The facts are that after his wife, Kasturba, died in 1944, Gandhi began the habit of sharing his bed with naked young women: his personal doctor, Sushila Nayar, and his grandnieces Abha and Manu, who were then in their late teens and about 60 years younger than him.
Gandhi hadn’t had a sexual relationship with a woman for 40 years. Nor, in any obvious way and so far as anyone can tell, did he begin one now. His conscious purpose in inviting naked women to share his bed was, paradoxically, to avoid having sex with them. They were there as a temptation: if he wasn’t aroused by their presence, he could be reassured he’d achieved
brahmacharya, a Hindu concept of celibate self-control. According to Gandhi, a person who had such control was “one who never has any lustful intention, who by constant attendance upon God has become proof against conscious or unconscious emissions, who is capable of lying naked with naked women, however beautiful they may be, without being in any manner sexually excited”. Such a person, Gandhi wrote, would be incapable of lying or harming anyone.
Why was this so important to Gandhi at that time? Because he believed – fantastically, egotistically – that the Hindu-Muslim violence then sweeping
India had some connection to his own failings. He had come round to the view, as Guha writes, “that the violence around him was in part a product or consequence of the imperfections within him”. And those imperfections, which he scrupulously recorded and publicised, included the “nocturnal emissions” (wet dreams) that had occurred in the years 1924, 1936 and 1938 to spoil a record of celibate living that began in South Africa in 1906, and which led each time to bouts of self-disgust.

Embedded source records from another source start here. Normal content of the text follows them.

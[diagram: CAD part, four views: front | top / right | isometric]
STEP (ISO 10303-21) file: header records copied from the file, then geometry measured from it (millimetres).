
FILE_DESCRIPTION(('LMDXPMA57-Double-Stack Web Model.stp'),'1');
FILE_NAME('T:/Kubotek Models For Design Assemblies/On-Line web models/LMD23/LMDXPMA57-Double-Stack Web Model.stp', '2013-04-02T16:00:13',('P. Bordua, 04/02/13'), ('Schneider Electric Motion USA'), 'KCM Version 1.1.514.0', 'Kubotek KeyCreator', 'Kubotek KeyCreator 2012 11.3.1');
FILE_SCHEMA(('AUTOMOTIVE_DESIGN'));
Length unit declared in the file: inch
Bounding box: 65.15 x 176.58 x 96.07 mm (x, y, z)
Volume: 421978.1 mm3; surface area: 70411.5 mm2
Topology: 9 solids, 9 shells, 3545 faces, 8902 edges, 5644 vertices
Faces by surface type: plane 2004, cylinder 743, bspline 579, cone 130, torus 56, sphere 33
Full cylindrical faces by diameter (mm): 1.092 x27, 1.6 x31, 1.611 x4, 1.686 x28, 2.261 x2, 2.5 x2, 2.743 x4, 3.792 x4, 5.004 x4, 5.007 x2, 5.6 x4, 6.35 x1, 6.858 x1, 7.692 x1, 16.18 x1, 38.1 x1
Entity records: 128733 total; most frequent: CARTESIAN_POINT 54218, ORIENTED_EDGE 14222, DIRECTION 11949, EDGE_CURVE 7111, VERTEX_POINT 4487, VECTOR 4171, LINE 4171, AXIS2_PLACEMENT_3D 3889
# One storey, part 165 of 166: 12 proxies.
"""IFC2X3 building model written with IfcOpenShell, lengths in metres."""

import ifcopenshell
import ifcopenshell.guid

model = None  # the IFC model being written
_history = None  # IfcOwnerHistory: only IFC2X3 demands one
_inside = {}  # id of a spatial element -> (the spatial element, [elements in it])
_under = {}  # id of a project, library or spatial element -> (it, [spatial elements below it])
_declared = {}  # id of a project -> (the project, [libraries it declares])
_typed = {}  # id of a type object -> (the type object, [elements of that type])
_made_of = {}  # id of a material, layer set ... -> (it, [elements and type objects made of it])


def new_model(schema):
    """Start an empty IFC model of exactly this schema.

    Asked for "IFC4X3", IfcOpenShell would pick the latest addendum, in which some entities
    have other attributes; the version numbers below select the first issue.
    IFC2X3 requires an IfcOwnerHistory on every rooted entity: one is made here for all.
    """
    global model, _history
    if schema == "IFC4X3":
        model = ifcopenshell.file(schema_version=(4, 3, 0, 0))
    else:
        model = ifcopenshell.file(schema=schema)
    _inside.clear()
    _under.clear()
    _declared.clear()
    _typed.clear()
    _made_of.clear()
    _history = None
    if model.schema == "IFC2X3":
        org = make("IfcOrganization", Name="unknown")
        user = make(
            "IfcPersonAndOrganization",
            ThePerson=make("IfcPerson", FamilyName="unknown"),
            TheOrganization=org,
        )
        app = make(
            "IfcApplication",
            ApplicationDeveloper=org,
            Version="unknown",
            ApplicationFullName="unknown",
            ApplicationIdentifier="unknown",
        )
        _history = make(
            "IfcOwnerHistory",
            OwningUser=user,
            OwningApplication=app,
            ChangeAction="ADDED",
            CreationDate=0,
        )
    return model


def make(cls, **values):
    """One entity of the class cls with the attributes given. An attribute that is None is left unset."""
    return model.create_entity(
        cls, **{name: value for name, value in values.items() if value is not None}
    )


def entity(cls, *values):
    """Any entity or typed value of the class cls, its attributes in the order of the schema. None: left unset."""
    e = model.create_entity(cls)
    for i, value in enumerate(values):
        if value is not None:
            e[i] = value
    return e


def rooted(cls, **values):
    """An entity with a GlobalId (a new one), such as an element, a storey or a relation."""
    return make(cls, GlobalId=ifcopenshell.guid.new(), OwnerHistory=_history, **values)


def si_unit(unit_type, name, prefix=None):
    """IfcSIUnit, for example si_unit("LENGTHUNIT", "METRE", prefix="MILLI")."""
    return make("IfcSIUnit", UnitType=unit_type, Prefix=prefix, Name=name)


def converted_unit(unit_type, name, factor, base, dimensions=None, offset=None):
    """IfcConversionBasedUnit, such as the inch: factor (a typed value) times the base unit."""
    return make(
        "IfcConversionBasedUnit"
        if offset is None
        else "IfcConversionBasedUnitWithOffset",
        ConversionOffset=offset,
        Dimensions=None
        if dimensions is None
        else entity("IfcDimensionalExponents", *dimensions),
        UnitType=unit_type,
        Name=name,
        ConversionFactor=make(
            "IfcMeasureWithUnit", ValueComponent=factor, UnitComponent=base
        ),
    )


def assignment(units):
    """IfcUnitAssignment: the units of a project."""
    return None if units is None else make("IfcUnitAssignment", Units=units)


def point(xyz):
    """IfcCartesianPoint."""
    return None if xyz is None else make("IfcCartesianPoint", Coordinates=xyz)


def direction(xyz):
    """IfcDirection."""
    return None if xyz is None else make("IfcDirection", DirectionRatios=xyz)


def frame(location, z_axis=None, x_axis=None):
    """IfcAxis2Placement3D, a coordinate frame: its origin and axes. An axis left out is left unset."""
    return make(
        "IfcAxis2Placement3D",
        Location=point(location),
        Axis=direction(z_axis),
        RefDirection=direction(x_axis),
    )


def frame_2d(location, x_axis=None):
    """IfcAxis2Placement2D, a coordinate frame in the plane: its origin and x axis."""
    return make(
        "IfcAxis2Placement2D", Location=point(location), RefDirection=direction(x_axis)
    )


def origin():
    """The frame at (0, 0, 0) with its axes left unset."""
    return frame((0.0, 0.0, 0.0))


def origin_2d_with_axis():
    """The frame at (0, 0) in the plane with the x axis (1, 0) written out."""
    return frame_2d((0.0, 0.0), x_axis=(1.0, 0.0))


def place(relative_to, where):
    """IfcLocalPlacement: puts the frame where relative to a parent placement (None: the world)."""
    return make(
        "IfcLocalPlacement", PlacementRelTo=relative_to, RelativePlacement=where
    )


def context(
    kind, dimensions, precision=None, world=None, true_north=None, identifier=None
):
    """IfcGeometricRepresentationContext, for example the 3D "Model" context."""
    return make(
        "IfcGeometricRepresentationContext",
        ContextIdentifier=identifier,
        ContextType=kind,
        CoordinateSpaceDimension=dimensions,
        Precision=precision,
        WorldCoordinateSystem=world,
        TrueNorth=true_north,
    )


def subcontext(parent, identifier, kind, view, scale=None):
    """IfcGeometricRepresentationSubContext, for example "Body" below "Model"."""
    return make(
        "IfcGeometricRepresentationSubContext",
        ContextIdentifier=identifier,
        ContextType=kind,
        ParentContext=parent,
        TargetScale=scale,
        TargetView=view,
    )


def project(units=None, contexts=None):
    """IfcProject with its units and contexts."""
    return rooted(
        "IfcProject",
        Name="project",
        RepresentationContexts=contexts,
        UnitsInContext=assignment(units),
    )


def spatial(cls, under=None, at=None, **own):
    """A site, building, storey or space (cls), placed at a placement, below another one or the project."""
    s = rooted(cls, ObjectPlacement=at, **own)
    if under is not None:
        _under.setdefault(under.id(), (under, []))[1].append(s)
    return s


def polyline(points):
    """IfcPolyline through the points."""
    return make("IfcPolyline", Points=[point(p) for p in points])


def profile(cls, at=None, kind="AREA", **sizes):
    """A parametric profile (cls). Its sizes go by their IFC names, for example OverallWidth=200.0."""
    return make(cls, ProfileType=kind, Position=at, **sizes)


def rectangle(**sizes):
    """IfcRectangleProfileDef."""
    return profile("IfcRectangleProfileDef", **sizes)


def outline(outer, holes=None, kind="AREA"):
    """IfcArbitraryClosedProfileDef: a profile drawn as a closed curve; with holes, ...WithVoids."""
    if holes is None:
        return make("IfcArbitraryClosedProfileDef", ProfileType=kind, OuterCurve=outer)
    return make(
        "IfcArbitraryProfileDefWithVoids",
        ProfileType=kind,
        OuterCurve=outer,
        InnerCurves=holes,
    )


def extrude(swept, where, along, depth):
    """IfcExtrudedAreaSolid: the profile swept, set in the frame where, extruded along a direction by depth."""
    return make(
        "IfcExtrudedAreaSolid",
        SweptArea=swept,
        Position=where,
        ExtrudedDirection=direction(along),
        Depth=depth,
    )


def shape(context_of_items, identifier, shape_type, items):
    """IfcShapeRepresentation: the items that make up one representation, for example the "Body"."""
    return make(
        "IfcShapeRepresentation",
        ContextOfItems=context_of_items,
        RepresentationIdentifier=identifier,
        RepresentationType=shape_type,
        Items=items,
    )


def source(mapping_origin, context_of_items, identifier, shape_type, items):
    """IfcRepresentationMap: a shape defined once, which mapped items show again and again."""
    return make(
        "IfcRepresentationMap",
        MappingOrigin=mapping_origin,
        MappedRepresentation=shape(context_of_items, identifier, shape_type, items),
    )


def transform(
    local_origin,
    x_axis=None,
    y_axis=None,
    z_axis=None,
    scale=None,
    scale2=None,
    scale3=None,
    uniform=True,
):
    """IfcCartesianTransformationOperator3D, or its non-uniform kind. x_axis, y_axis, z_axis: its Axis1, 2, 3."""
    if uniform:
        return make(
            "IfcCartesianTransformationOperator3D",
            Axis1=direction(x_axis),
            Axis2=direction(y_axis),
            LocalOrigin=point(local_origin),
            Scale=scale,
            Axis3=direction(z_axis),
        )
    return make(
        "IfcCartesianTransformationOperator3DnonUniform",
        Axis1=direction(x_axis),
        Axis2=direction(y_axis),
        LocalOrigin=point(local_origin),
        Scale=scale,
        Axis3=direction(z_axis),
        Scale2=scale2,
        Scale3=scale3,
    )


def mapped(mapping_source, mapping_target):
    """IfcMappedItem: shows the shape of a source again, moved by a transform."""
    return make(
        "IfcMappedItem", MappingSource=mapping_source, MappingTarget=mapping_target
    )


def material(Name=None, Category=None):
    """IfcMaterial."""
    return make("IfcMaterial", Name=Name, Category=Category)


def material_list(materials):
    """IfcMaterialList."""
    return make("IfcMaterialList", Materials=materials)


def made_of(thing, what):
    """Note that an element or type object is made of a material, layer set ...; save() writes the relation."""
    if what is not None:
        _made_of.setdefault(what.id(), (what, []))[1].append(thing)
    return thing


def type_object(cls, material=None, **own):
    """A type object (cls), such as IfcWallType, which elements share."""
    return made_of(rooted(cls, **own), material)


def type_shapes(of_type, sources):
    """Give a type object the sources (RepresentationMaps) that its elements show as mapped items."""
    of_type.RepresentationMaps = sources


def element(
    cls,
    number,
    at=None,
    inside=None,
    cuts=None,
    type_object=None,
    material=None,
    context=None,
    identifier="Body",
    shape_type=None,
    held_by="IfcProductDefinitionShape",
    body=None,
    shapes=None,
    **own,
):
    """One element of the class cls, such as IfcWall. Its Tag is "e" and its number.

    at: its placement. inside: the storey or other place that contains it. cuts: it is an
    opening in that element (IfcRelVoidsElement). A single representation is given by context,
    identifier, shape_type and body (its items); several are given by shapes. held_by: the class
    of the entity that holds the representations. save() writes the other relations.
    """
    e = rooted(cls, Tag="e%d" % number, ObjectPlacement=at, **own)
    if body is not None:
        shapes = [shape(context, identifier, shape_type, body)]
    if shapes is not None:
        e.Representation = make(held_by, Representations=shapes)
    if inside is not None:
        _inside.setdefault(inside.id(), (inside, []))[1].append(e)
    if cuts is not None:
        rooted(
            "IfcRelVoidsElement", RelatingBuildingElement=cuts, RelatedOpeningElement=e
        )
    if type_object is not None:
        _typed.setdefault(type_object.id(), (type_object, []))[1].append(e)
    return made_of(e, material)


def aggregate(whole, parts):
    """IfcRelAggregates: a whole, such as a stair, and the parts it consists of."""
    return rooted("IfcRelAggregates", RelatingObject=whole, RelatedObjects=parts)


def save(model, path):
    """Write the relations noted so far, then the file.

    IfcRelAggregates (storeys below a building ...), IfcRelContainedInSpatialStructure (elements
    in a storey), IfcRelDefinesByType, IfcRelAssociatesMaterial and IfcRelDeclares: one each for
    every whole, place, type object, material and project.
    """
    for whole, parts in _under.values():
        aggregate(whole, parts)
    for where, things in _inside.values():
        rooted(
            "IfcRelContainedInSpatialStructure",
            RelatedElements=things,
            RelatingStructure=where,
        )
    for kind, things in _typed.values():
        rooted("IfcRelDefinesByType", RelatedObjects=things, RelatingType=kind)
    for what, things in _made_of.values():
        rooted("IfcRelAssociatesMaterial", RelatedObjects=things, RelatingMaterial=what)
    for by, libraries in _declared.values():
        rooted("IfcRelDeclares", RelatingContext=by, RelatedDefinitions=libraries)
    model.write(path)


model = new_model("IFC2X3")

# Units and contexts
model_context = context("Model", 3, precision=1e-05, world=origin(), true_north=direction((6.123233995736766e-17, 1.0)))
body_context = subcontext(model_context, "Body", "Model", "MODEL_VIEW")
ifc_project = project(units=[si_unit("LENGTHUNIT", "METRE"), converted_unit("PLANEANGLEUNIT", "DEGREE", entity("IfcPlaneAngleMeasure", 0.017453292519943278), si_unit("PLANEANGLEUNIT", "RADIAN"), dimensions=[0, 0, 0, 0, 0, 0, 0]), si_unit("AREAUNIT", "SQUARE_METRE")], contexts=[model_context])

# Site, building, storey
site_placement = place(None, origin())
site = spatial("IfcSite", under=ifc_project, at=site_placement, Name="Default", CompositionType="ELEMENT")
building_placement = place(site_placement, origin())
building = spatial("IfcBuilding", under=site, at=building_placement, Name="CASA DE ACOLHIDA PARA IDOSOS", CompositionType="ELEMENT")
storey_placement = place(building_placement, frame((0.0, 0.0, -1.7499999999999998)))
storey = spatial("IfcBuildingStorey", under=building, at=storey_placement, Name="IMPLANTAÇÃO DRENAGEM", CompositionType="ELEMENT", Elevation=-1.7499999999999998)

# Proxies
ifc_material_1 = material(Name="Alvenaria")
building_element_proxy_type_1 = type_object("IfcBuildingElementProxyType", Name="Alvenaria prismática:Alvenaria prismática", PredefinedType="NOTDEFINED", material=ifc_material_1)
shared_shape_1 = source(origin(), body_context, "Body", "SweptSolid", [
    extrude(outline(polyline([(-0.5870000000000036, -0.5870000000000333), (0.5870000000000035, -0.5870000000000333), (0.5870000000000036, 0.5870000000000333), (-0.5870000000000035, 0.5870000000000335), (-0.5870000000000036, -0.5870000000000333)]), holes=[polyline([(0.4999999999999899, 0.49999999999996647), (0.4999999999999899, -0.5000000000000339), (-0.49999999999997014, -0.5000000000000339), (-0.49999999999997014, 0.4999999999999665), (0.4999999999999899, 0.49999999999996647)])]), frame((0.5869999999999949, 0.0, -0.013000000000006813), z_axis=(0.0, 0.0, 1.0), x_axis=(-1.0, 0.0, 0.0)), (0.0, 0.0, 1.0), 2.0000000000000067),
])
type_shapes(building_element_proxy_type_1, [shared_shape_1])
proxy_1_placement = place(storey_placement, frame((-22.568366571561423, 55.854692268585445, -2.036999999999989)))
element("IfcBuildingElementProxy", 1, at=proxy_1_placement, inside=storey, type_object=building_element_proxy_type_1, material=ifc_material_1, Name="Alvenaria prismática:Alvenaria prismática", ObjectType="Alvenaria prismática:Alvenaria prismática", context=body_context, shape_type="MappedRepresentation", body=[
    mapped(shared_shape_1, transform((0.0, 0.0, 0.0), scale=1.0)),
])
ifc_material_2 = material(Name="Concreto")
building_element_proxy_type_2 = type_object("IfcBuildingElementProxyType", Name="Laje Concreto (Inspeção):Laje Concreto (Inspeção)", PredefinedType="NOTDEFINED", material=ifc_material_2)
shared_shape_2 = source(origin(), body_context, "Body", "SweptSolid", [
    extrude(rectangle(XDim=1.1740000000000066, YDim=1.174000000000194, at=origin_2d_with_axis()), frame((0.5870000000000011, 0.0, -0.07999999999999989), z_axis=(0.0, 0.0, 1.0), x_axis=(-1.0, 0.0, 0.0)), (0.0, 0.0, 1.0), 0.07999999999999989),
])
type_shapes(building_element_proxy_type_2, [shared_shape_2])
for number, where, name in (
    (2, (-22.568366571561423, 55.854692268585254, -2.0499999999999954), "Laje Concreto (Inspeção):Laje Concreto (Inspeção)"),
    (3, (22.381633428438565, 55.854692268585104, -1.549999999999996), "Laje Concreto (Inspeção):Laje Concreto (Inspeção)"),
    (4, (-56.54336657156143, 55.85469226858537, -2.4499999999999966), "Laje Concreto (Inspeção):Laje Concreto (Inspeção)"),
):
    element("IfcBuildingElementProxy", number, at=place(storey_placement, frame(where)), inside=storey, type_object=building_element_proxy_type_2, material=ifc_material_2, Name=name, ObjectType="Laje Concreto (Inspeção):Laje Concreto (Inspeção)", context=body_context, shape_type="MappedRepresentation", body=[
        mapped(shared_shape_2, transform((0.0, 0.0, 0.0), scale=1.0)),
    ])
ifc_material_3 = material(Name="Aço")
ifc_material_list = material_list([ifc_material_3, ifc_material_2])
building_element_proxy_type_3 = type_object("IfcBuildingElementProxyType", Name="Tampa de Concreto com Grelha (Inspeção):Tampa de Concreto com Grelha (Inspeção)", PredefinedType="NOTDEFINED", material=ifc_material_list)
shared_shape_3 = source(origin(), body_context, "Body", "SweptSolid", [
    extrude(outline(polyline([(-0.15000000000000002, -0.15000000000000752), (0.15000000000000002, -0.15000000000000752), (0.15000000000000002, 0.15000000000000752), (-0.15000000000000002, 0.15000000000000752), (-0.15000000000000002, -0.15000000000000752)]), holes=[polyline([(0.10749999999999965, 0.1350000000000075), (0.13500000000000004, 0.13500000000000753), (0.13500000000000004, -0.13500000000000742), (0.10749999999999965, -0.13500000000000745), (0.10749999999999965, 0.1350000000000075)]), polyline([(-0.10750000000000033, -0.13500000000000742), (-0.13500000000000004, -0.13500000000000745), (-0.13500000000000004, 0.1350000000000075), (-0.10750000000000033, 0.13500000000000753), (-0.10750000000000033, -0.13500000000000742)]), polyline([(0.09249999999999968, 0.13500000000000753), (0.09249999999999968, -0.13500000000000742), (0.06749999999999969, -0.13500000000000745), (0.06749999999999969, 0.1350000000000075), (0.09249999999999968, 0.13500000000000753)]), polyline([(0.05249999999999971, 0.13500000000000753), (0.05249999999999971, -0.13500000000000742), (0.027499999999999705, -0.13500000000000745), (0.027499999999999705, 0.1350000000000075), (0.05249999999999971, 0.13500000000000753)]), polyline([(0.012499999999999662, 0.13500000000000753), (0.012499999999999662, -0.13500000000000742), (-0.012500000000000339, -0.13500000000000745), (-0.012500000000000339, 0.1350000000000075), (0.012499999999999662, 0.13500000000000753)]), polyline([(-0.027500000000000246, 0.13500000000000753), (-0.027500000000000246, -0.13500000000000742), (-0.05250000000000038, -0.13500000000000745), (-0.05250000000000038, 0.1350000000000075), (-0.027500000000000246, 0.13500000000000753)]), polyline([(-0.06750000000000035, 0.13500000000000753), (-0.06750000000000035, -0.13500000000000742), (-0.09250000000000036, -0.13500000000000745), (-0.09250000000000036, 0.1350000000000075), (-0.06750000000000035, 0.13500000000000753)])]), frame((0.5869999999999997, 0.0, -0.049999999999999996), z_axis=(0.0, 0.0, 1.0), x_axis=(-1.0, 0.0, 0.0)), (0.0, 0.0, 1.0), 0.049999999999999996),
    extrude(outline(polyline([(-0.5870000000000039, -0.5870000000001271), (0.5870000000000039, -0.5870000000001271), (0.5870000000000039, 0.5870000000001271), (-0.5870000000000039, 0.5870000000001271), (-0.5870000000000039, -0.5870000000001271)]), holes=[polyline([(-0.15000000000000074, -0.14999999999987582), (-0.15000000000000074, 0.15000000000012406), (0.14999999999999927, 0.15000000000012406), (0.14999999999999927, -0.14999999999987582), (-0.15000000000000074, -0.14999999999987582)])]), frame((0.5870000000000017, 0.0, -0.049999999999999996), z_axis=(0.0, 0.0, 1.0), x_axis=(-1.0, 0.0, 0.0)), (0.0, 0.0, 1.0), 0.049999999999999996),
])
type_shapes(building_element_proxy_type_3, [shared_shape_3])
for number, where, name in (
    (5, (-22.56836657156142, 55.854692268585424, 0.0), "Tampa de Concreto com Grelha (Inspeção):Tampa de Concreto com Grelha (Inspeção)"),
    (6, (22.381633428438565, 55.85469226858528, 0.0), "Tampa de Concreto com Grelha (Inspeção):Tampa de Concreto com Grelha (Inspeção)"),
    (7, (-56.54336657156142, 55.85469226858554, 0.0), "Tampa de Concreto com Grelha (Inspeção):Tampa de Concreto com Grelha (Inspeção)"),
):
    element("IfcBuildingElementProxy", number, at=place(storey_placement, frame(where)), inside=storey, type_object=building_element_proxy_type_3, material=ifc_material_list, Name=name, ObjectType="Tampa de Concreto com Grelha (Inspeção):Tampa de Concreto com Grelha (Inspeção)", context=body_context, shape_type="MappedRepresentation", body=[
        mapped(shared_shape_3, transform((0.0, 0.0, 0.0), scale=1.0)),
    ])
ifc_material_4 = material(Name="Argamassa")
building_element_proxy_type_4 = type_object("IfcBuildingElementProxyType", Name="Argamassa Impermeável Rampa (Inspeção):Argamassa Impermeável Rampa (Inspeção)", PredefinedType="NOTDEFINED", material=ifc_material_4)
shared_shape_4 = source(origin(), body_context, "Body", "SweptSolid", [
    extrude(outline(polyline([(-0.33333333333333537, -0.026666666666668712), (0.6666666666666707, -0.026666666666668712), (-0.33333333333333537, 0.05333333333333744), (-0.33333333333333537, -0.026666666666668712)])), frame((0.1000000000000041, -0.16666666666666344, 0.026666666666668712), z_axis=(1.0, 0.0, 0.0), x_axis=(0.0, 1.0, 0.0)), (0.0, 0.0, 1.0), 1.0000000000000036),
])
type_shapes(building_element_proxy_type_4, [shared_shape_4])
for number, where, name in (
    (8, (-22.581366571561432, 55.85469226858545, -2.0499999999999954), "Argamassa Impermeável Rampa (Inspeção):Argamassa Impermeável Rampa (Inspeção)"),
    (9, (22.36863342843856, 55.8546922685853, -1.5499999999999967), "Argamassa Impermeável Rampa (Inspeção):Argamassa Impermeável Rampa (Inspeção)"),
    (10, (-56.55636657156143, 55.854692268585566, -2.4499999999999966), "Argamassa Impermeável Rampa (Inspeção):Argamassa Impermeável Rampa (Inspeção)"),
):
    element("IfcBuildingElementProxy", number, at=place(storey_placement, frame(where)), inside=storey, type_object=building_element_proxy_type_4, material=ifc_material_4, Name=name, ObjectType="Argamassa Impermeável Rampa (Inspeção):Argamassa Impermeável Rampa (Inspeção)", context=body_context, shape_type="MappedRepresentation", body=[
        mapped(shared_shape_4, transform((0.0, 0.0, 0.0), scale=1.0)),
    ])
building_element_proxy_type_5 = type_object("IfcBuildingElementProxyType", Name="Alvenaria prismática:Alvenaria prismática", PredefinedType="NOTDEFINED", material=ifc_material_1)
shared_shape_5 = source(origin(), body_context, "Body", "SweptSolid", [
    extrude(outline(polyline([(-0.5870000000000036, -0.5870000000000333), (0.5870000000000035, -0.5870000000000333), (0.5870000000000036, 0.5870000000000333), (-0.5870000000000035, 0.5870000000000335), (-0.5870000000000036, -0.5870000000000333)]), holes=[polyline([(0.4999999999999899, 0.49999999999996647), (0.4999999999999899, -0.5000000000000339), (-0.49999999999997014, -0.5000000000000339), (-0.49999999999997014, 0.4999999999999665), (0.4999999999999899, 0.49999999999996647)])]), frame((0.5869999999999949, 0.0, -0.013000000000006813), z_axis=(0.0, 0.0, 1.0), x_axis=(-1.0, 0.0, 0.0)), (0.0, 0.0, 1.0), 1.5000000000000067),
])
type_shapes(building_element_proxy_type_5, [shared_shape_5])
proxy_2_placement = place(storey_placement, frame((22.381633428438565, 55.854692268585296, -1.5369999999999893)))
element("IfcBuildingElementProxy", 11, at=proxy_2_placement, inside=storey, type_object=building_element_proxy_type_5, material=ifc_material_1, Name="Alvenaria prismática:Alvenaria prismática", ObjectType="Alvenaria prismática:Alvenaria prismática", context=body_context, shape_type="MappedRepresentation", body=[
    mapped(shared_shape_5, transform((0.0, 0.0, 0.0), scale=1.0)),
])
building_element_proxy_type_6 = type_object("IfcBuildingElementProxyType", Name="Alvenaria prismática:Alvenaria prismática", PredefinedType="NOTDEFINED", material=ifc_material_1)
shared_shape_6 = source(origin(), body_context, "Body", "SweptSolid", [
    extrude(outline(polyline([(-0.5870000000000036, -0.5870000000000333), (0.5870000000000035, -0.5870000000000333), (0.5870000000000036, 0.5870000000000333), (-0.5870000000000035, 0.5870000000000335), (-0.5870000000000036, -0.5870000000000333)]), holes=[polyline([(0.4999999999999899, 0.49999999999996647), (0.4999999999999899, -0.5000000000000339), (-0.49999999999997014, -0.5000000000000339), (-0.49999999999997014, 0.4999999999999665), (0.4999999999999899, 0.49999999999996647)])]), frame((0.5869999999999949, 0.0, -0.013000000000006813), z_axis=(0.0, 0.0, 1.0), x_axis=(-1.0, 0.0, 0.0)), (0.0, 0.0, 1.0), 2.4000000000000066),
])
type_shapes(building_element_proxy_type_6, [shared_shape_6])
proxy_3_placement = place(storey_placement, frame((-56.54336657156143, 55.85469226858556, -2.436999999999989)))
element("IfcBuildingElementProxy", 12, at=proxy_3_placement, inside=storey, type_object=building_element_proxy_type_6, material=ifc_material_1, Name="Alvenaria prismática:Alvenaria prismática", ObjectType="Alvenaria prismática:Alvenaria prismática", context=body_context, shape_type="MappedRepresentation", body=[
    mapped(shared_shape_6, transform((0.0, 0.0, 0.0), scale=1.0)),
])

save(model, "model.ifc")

He believed sex existed only to procreate and never to enjoy, a view that his political ally Jawaharlal Nehru found “unnatural and shocking”. Lust was the enemy; that lesson was learned when, as a married 16-year-old, he had left his sick father’s bedside to be with his wife and, as they made love, his father had died. As to any unconscious motivation for bed-sharing, who knows? As one of the world’s most famous men, a magnetic celebrity, he rarely hesitated to exploit his attraction to women in order to benefit from the help and care they offered. In his ashram, the psychoanalyst Sudhir Kakar has written: “The competition among women for Gandhi’s attention was as fierce as it is in any guru’s establishment today.”